Extracted data entries
....................
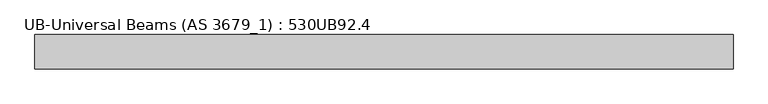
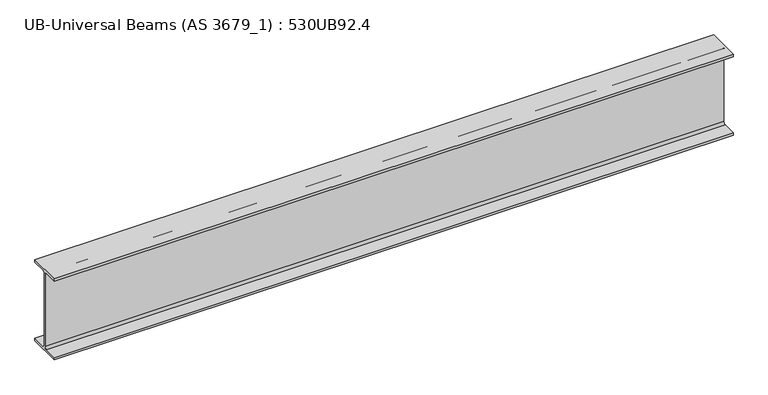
"""IFC4 building model written with IfcOpenShell, lengths in millimetres: beam geometry, UB-Universal Beams (AS 3679_1) : 530UB92.4."""

from ifc_helpers import new_model, si_unit, point, frame, frame_2d, origin, place, context, project, spatial, polyline, circle_curve, trimmed, segment, composite_curve, outline, extrude, source, transform, mapped, element, save


def ub_universal_beams_as_3679_1_530ub92_4_d895efd6(model_context):
    return source(origin(), model_context, "Body", "SweptSolid", [
        extrude(outline(composite_curve([segment(polyline([(104.5, -250.9), (104.5, -266.5), (-104.5, -266.5), (-104.5, -250.9), (-19.1, -250.9)]), True, "CONTINUOUS"), segment(trimmed(circle_curve(frame_2d((-19.1, -236.9)), 14.0), [point((-19.1, -250.9))], [point((-5.1, -236.9))], True, "CARTESIAN"), True, "CONTINUOUS"), segment(polyline([(-5.1, -236.9), (-5.1, 236.9)]), True, "CONTINUOUS"), segment(trimmed(circle_curve(frame_2d((-19.1, 236.9)), 14.0), [point((-5.1, 236.9))], [point((-19.1, 250.9))], True, "CARTESIAN"), True, "CONTINUOUS"), segment(polyline([(-19.1, 250.9), (-104.5, 250.9), (-104.5, 266.5), (104.5, 266.5), (104.5, 250.9), (19.1, 250.9)]), True, "CONTINUOUS"), segment(trimmed(circle_curve(frame_2d((19.1, 236.9)), 14.0), [point((19.1, 250.9))], [point((5.1, 236.9))], True, "CARTESIAN"), True, "CONTINUOUS"), segment(polyline([(5.1, 236.9), (5.1, -236.9)]), True, "CONTINUOUS"), segment(trimmed(circle_curve(frame_2d((19.1, -236.9)), 14.0), [point((5.1, -236.9))], [point((19.1, -250.9))], True, "CARTESIAN"), True, "CONTINUOUS"), segment(polyline([(19.1, -250.9), (104.5, -250.9)]), True, "CONTINUOUS")], self_intersect=False)), frame((-2151.2, 0.0, 0.0), z_axis=(1.0, 0.0, 0.0), x_axis=(0.0, 1.0, 0.0)), (0.0, 0.0, 1.0), 4227.8),
    ])


if __name__ == "__main__":
    model = new_model("IFC4")
    model_context = context("Model", 3, world=origin())
    ifc_project = project(units=[si_unit("LENGTHUNIT", "METRE", prefix="MILLI")], contexts=[model_context])
    site = spatial("IfcSite", under=ifc_project)
    building = spatial("IfcBuilding", under=site)
    placement = place(None, origin())
    ub_universal_beams_as_3679_1_530ub92_4_shape = ub_universal_beams_as_3679_1_530ub92_4_d895efd6(model_context)
    element("IfcBeam", 1, ObjectType="UB-Universal Beams (AS 3679_1) : 530UB92.4", at=placement, inside=building, context=model_context, shape_type="MappedRepresentation", body=[
        mapped(ub_universal_beams_as_3679_1_530ub92_4_shape, transform((0.0, 0.0, 0.0), x_axis=(1.0, 0.0, 0.0), y_axis=(0.0, 1.0, 0.0), z_axis=(0.0, 0.0, 1.0))),
    ])
    save(model, "model.ifc")
....................
Write out the entries above word for word. Do not include the pictures.

▶ Response area
"""IFC4 building model written with IfcOpenShell, lengths in millimetres: beam geometry, UB-Universal Beams (AS 3679_1) : 530UB92.4."""

from ifc_helpers import new_model, si_unit, point, frame, frame_2d, origin, place, context, project, spatial, polyline, circle_curve, trimmed, segment, composite_curve, outline, extrude, source, transform, mapped, element, save


def ub_universal_beams_as_3679_1_530ub92_4_d895efd6(model_context):
    return source(origin(), model_context, "Body", "SweptSolid", [
        extrude(outline(composite_curve([segment(polyline([(104.5, -250.9), (104.5, -266.5), (-104.5, -266.5), (-104.5, -250.9), (-19.1, -250.9)]), True, "CONTINUOUS"), segment(trimmed(circle_curve(frame_2d((-19.1, -236.9)), 14.0), [point((-19.1, -250.9))], [point((-5.1, -236.9))], True, "CARTESIAN"), True, "CONTINUOUS"), segment(polyline([(-5.1, -236.9), (-5.1, 236.9)]), True, "CONTINUOUS"), segment(trimmed(circle_curve(frame_2d((-19.1, 236.9)), 14.0), [point((-5.1, 236.9))], [point((-19.1, 250.9))], True, "CARTESIAN"), True, "CONTINUOUS"), segment(polyline([(-19.1, 250.9), (-104.5, 250.9), (-104.5, 266.5), (104.5, 266.5), (104.5, 250.9), (19.1, 250.9)]), True, "CONTINUOUS"), segment(trimmed(circle_curve(frame_2d((19.1, 236.9)), 14.0), [point((19.1, 250.9))], [point((5.1, 236.9))], True, "CARTESIAN"), True, "CONTINUOUS"), segment(polyline([(5.1, 236.9), (5.1, -236.9)]), True, "CONTINUOUS"), segment(trimmed(circle_curve(frame_2d((19.1, -236.9)), 14.0), [point((5.1, -236.9))], [point((19.1, -250.9))], True, "CARTESIAN"), True, "CONTINUOUS"), segment(polyline([(19.1, -250.9), (104.5, -250.9)]), True, "CONTINUOUS")], self_intersect=False)), frame((-2151.2, 0.0, 0.0), z_axis=(1.0, 0.0, 0.0), x_axis=(0.0, 1.0, 0.0)), (0.0, 0.0, 1.0), 4227.8),
    ])


if __name__ == "__main__":
    model = new_model("IFC4")
    model_context = context("Model", 3, world=origin())
    ifc_project = project(units=[si_unit("LENGTHUNIT", "METRE", prefix="MILLI")], contexts=[model_context])
    site = spatial("IfcSite", under=ifc_project)
    building = spatial("IfcBuilding", under=site)
    placement = place(None, origin())
    ub_universal_beams_as_3679_1_530ub92_4_shape = ub_universal_beams_as_3679_1_530ub92_4_d895efd6(model_context)
    element("IfcBeam", 1, ObjectType="UB-Universal Beams (AS 3679_1) : 530UB92.4", at=placement, inside=building, context=model_context, shape_type="MappedRepresentation", body=[
        mapped(ub_universal_beams_as_3679_1_530ub92_4_shape, transform((0.0, 0.0, 0.0), x_axis=(1.0, 0.0, 0.0), y_axis=(0.0, 1.0, 0.0), z_axis=(0.0, 0.0, 1.0))),
    ])
    save(model, "model.ifc")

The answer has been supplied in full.